Como conclusión, estos tres libros me han servido para entender y, en muchos casos comprender, al que piensa diferente a como lo hago yo. Sigo defendiendo que la meritocracia y el intenso desarrollo tecnológico están siendo impulsores del crecimiento económico global y promedio (como también el capitalismo, la democracia y la globalización). Que tienen más ventajas que desventajas. Pero debemos ser conscientes de los daños colaterales que generan y las personas a las que perjudican. No podemos abandonarlas a su suerte, aún a costa de equivocarnos y ayudar a “quien no se lo merece”. Pero es que, además, los que apoyamos la actual configuración tenemos que escuchar a los que la critican, porque seguro que en muchas de sus reivindicaciones tienen razón, y podemos considerarlas para mejorar los fallos del sistema. Es mucho más cómodo rodearnos de los que piensan como nosotros, no critican o no reivindican. Pero es un error. Nada es perfecto y para corregirlo hay que conocer los fallos. Lean a Byung-Chil Han y a Michael J. Sandel, aunque les incomoden, aunque en ocasiones piensen ¡qué tonterías dice! Por cada X pensamientos de este corte, habrá uno que sea del tipo “Ummmmm, no había caído; pues tal vez tienen razón”. Entonces, habrán crecido un poco más. 

“El lenguaje del mérito lleva varias décadas dominando el discurso público sin que apenas se reconozcan sus elementos negativos. Las élites meritocráticas se habían acostumbrado tanto a entonar este mantra que no se dieron cuenta de que estaba perdiendo su capacidad para inspirar. Haciendo oídos sordos al resentimiento creciente de quienes no estaban participando de la abundancia generada por la globalización, no detectaron lo mucho que se estaba extendiendo una actitud de descontento. La reacción populista les cogió por sorpresa. No vieron la afrenta implícita en la sociedad meritocrática que ofrecían. La élite mira por encima del hombro.

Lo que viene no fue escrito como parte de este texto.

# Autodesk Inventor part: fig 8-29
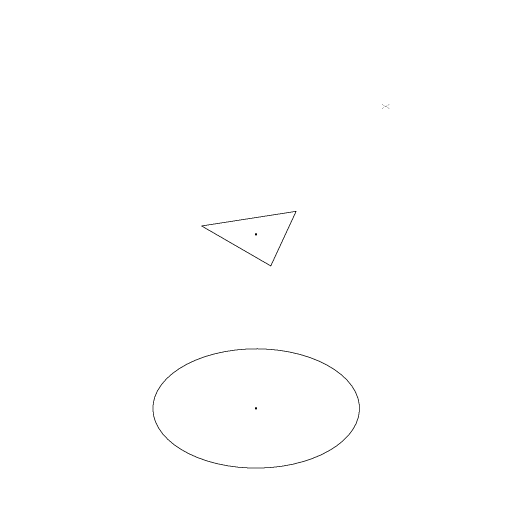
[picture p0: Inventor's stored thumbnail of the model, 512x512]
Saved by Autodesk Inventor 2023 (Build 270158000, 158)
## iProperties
Created: 2001-12
Part Number: fig 8-29
Document SubType Name: Modeling
Designer: CADSoft
Density: 1 g/cm^3
Material: Generic
Appearance: Default
Control State: 0
Master: False
Checked Out: False
Shininess: 77.0
Angle Display Precision: 2
Document Length Units: 11269
Document Angle Units: 11279
Document Time Units: 11290
Document Mass Units: 11283
Document Length Units Precision: 3
Document Angle Units Precision: 2
Density: 0.0
Volumn: 0.0
Area: 0.0
PropertySet Name: Model Information
Author: CADSoft
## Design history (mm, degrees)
workplane "Work Plane3"
workplane "Work Plane4"
sketch "Sketch12"
  geometry: L1 (0, 10.598)-(9.178, -5.299); L2 (9.178, -5.299)-(-9.178, -5.299); L3 (-9.178, -5.299)-(0, 10.598); 1 further point
  constraints: 6 end point, 5 other
workplane "Work Plane5"
body "Solid1"
sketch "Sketch1"
  geometry: C1 r 19.387 at (0, 0); 1 further point
  constraints: 1 centre point, 1 coincident, 1 other
sketch "Sketch2"
  geometry: 1 further point

El ideal meritocrático es defectuoso porque ignora la arbitrariedad moral del talento y exagera la significación moral del esfuerzo. El esfuerzo no lo es todo. El éxito rara vez surge del trabajo duro sin más. La idea de que nuestro destino está en nuestras manos, de que puedes conseguirlo si pones empeño en ello, es una espada de doble filo: inspiradora por uno de sus bordes, pero odiosa por el otro. Congratula a los ganadores, pero denigra a los perdedores y afecta incluso a la percepción que tienen de sí mismos. Para quienes están atrapados en el fondo o para quienes a duras penas consiguen mantenerse a flote, la retórica del ascenso es más un escarnio que una promesa.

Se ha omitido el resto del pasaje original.